Nanoscopía de fluorescencia tridimensional con resolución por debajo de 10 nm basada en la utilización de excitación súper-crítica

SZALAI, ALAN M.; SIARRY, BRUNO; LUKIN, JERÓNIMO; WILLIAMSON, DAVID; UNSAIN, NICOLÁS; REFOJO, DAMIÁN; CÁCERES, ALFREDO; PILO-PAIS, MAURICIO; OWEN, DYLAN; ACUNA, GUILLERMO; SIMONCELLI, SABRINA; STEFANI, FERNANDO D.
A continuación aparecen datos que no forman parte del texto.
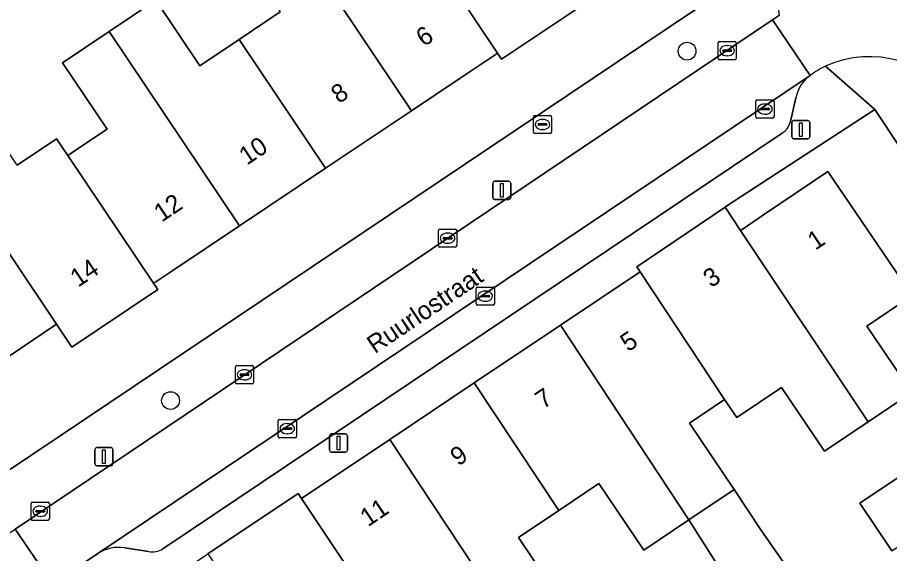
# Model space of a CAD drawing. Extents: x 158352 to 159489, y 383828 to 384603.
# Drawn here: x 158834.96 to 158882.87, y 384301.74 to 384331.22 of the extents above; entities that cross this region are included whole.
import ezdxf

# ---------------------------------------------------------------- set-up
doc = ezdxf.new("R2010")
doc.units = 0
for name, color, linetype in [('IMGEO_Boom', 7, 'Continuous'), ('IMGEO_Brandkraan', 7, 'Continuous'), ('IMGEO_Erf', 7, 'Continuous'), ('IMGEO_Kolk', 7, 'Continuous'), ('IMGEO_Lichtmast', 7, 'Continuous'), ('IMGEO_Openbare_ruimte_label', 7, 'Continuous'), ('IMGEO_Pand', 7, 'Continuous'), ('IMGEO_Pand_nummerreeks', 7, 'Continuous'), ('IMGEO_Parkeervlak_open', 7, 'Continuous'), ('IMGEO_Rijbaan_lokaal_open', 7, 'Continuous'), ('IMGEO_Voetpad_open', 7, 'Continuous')]:
    doc.layers.add(name, color=color, linetype=linetype)

msp = doc.modelspace()

# ---------------------------------------------------------------- linework, layer by layer
at = {"layer": 'IMGEO_Boom'}
for centre in [(158871.748, 384329.364), (158843.371, 384310.149)]:
    msp.add_circle(centre, 0.489, dxfattribs=at)
at = {"layer": 'IMGEO_Brandkraan'}
for p, q in [((158863.303, 384324.909), (158863.303, 384325.761)), ((158863.378, 384325.835), (158864.23, 384325.835)), ((158863.791, 384325.615), (158863.816, 384325.615)), ((158864.304, 384325.761), (158864.304, 384324.909)), ((158863.562, 384325.329), (158863.562, 384325.341)), ((158864, 384325.292), (158863.602, 384325.292)), ((158863.605, 384325.378), (158864.003, 384325.378)), ((158863.814, 384325.055), (158863.789, 384325.055)), ((158864.046, 384325.341), (158864.046, 384325.329)), ((158864.23, 384324.835), (158863.378, 384324.835))]:
    msp.add_line(p, q, dxfattribs=at)
for points in [[(158863.303, 384324.909), (158863.303, 384325.761)], [(158863.378, 384325.835), (158864.23, 384325.835)], [(158864.304, 384325.761), (158864.304, 384324.909)], [(158864.23, 384324.835), (158863.378, 384324.835)]]:
    msp.add_lwpolyline(points, dxfattribs=at)
for centre, radius, start, end in [((158863.38, 384325.759), 0.0765, 91.552, 178.448), ((158863.38, 384325.759), 0.0765, 91.552, 178.448), ((158864.228, 384325.759), 0.0765, 1.552, 88.448), ((158864.228, 384325.759), 0.0765, 1.552, 88.448), ((158863.602, 384325.338), 0.0403, 85.8775, 175.7526), ((158863.599, 384325.328), 0.0366, 178.938, 274.7102), ((158864.003, 384325.335), 0.043, 264.8664, 352.4533), ((158864.007, 384325.34), 0.0386, 1.7309, 96.639), ((158863.38, 384324.911), 0.0765, 181.552, 268.448), ((158863.38, 384324.911), 0.0765, 181.552, 268.448), ((158864.228, 384324.911), 0.0765, 271.552, 358.448), ((158864.228, 384324.911), 0.0765, 271.552, 358.448)]:
    msp.add_arc(centre, radius, start, end, dxfattribs=at)
for centre, major_axis, ratio, start_param, end_param in [((158863.79, 384325.335), (-0.387, 0.002), 0.722429, 4.712389, 7.853982), ((158863.815, 384325.335), (-0.39, 0.002), 0.717154, 1.570796, 4.712389)]:
    msp.add_ellipse(centre, major_axis=major_axis, ratio=ratio, start_param=start_param, end_param=end_param, dxfattribs=at)
at = {"layer": 'IMGEO_Erf'}
msp.add_lwpolyline([(158875.167, 384336.345), (158868.637, 384346.081), (158867.819, 384345.532), (158861.458, 384355.013), (158841.36, 384341.527), (158837.811, 384342.305), (158824.183, 384333.296), (158819.74, 384330.315), (158815.887, 384327.73), (158831.561, 384304.365), (158876.378, 384334.482)], close=True, dxfattribs=at)
for points in [[(158834.938, 384323.093), (158837.112, 384324.549), (158837.727, 384323.633), (158837.893, 384323.744), (158838.42, 384324.097), (158839.886, 384325.078), (158837.44, 384328.731), (158840.005, 384330.449), (158842.569, 384332.166), (158844.982, 384328.564), (158847.142, 384330.01), (158849.4, 384331.523)], [(158866.284, 384332.084), (158861.559, 384328.92), (158861.335, 384329.254), (158861.254, 384329.2), (158859.286, 384327.883), (158856.611, 384326.091), (158851.886, 384322.927), (158847.162, 384319.763), (158843.445, 384317.274), (158842.568, 384316.687), (158842.437, 384316.6), (158842.668, 384316.255), (158837.944, 384313.091), (158837.104, 384314.345), (158837.004, 384314.278), (158835.796, 384313.469), (158832.282, 384311.116)], [(158890.416, 384313.557), (158882.066, 384326.149), (158873.939, 384320.857), (158873.838, 384320.789), (158874.689, 384319.509), (158874.771, 384319.564), (158875.951, 384320.363), (158879.483, 384322.754), (158884.108, 384315.922), (158881.624, 384314.24), (158884.09, 384310.597), (158881.69, 384308.982), (158879.29, 384307.368), (158876.935, 384310.869), (158874.473, 384309.213), (158873.805, 384310.206), (158871.887, 384308.915), (158874.34, 384305.271), (158875.805, 384303.036), (158877.876, 384300.081)], [(158882.998, 384301.895), (158881.24, 384304.508), (158883.676, 384306.147)], [(158873.305, 384301.284), (158871.852, 384303.596), (158869.363, 384301.922), (158866.896, 384305.588), (158864.693, 384304.105), (158862.489, 384302.623), (158864.964, 384298.944)]]:
    msp.add_lwpolyline(points, dxfattribs=at)
at = {"layer": 'IMGEO_Kolk'}
for p, q in [((158873.449, 384328.968), (158873.449, 384329.82)), ((158873.524, 384329.894), (158874.376, 384329.894)), ((158874.45, 384329.82), (158874.45, 384328.968)), ((158873.708, 384329.388), (158873.708, 384329.4)), ((158874.146, 384329.351), (158873.748, 384329.351)), ((158873.751, 384329.437), (158874.149, 384329.437)), ((158873.937, 384329.674), (158873.962, 384329.674)), ((158874.192, 384329.4), (158874.192, 384329.388)), ((158874.376, 384328.894), (158873.524, 384328.894)), ((158873.96, 384329.114), (158873.935, 384329.114)), ((158875.525, 384325.753), (158875.525, 384326.605)), ((158875.6, 384326.679), (158876.452, 384326.679)), ((158876.013, 384326.459), (158876.038, 384326.459)), ((158876.526, 384326.605), (158876.526, 384325.753)), ((158875.784, 384326.173), (158875.784, 384326.185)), ((158876.222, 384326.136), (158875.824, 384326.136)), ((158875.827, 384326.222), (158876.225, 384326.222)), ((158876.268, 384326.185), (158876.268, 384326.173)), ((158876.452, 384325.679), (158875.6, 384325.679)), ((158876.036, 384325.899), (158876.011, 384325.899)), ((158858.091, 384318.652), (158858.091, 384319.504)), ((158858.166, 384319.578), (158859.018, 384319.578)), ((158858.579, 384319.358), (158858.604, 384319.358)), ((158859.092, 384319.504), (158859.092, 384318.652)), ((158858.35, 384319.072), (158858.35, 384319.084)), ((158858.788, 384319.035), (158858.39, 384319.035)), ((158858.393, 384319.121), (158858.791, 384319.121)), ((158858.602, 384318.798), (158858.577, 384318.798)), ((158858.834, 384319.084), (158858.834, 384319.072)), ((158859.018, 384318.578), (158858.166, 384318.578)), ((158860.235, 384316.393), (158861.087, 384316.393)), ((158860.16, 384315.467), (158860.16, 384316.319)), ((158860.419, 384315.887), (158860.419, 384315.899)), ((158860.462, 384315.936), (158860.86, 384315.936)), ((158860.648, 384316.173), (158860.673, 384316.173)), ((158860.903, 384315.899), (158860.903, 384315.887)), ((158861.161, 384316.319), (158861.161, 384315.467)), ((158861.087, 384315.393), (158860.235, 384315.393)), ((158860.857, 384315.85), (158860.459, 384315.85)), ((158860.671, 384315.613), (158860.646, 384315.613)), ((158847.005, 384312.071), (158847.857, 384312.071)), ((158846.93, 384311.145), (158846.93, 384311.997)), ((158847.189, 384311.565), (158847.189, 384311.577)), ((158847.232, 384311.614), (158847.63, 384311.614)), ((158847.418, 384311.851), (158847.443, 384311.851)), ((158847.673, 384311.577), (158847.673, 384311.565)), ((158847.931, 384311.997), (158847.931, 384311.145)), ((158847.627, 384311.528), (158847.229, 384311.528)), ((158847.441, 384311.291), (158847.416, 384311.291)), ((158847.857, 384311.071), (158847.005, 384311.071)), ((158849.284, 384308.182), (158849.284, 384309.034)), ((158849.359, 384309.108), (158850.211, 384309.108)), ((158849.772, 384308.888), (158849.797, 384308.888)), ((158850.285, 384309.034), (158850.285, 384308.182)), ((158849.543, 384308.602), (158849.543, 384308.614)), ((158849.981, 384308.565), (158849.583, 384308.565)), ((158849.586, 384308.651), (158849.984, 384308.651)), ((158849.795, 384308.328), (158849.77, 384308.328)), ((158850.027, 384308.614), (158850.027, 384308.602)), ((158850.211, 384308.108), (158849.359, 384308.108)), ((158835.714, 384303.64), (158835.714, 384304.492)), ((158835.789, 384304.566), (158836.641, 384304.566)), ((158836.715, 384304.492), (158836.715, 384303.64)), ((158835.973, 384304.06), (158835.973, 384304.072)), ((158836.411, 384304.023), (158836.013, 384304.023)), ((158836.016, 384304.109), (158836.414, 384304.109)), ((158836.202, 384304.346), (158836.227, 384304.346)), ((158836.457, 384304.072), (158836.457, 384304.06)), ((158836.641, 384303.566), (158835.789, 384303.566)), ((158836.225, 384303.786), (158836.2, 384303.786))]:
    msp.add_line(p, q, dxfattribs=at)
for points in [[(158873.449, 384328.968), (158873.449, 384329.82)], [(158873.524, 384329.894), (158874.376, 384329.894)], [(158874.45, 384329.82), (158874.45, 384328.968)], [(158874.376, 384328.894), (158873.524, 384328.894)], [(158875.525, 384325.753), (158875.525, 384326.605)], [(158875.6, 384326.679), (158876.452, 384326.679)], [(158876.526, 384326.605), (158876.526, 384325.753)], [(158876.452, 384325.679), (158875.6, 384325.679)], [(158858.091, 384318.652), (158858.091, 384319.504)], [(158858.166, 384319.578), (158859.018, 384319.578)], [(158859.092, 384319.504), (158859.092, 384318.652)], [(158859.018, 384318.578), (158858.166, 384318.578)], [(158860.235, 384316.393), (158861.087, 384316.393)], [(158860.16, 384315.467), (158860.16, 384316.319)], [(158861.161, 384316.319), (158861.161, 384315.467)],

Congreso; XIX Encuentro de superficies y materiales nanoestructurados; 2019

La microscopía de fluorescencia es una de las técnicas más utilizadas en los estudios de sistemas biológicos. Sin embargo, su resolución está limitada por la difracción de la luz a un valor de ~ 250 nm. El conjunto de técnicas de súper-resolución, también llamadas nanoscopías, logró superar esta limitación gracias al control de las transiciones entre estados emisivos y no emisivos de las sondas fluorescentes, llegando recientemente a registrarse observaciones con una resolución de ~ 1nm [1]. La necesidad de observar estructuras biológicas extendidas en tres dimensiones con resolución nanométrica llevó rápidamente al desarrollo de nanoscopías que cumpliesen este requisito. Sin embargo, la mayoría de ellas presentan una resolución inferior en el eje axial al que se obtiene en dos dimensiones, limitándose generalmente a 40-50 nm. En el presente trabajo, se propone una técnica que permite resolver estructuras con una resolución por debajo de 10 nm en las tres dimensiones. La misma consiste en combinar nanoscopías basadas en la localización de moléculas individuales, como dSTORM [2] o DNA-PAINT [3], y la utilización de iluminación súper-crítica (microscopía TIRF). Al emplear este tipo de iluminación, la intensidad de la onda evanescente que penetra en la muestra decae en forma exponencial luego de atravesar la interfase vidrio/muestra. De este modo, las moléculas que se encuentran más cercanas al vidrio son excitadas con mayor intensidad que las que se encuentran más alejadas, y el número de fotones posteriormente emitidos provee información acerca de la posición axial de los fluoróforos. En este trabajo realizamos una calibración fotométrica adecuada con origamis de ADN [4] para caracterizar la iluminación del microscopio utilizado y posteriormente observamos estructuras biológicas como los anillos de espectrina o la región hueca interior de los microtúbulos, obteniendo una resolución menor a 10 nm.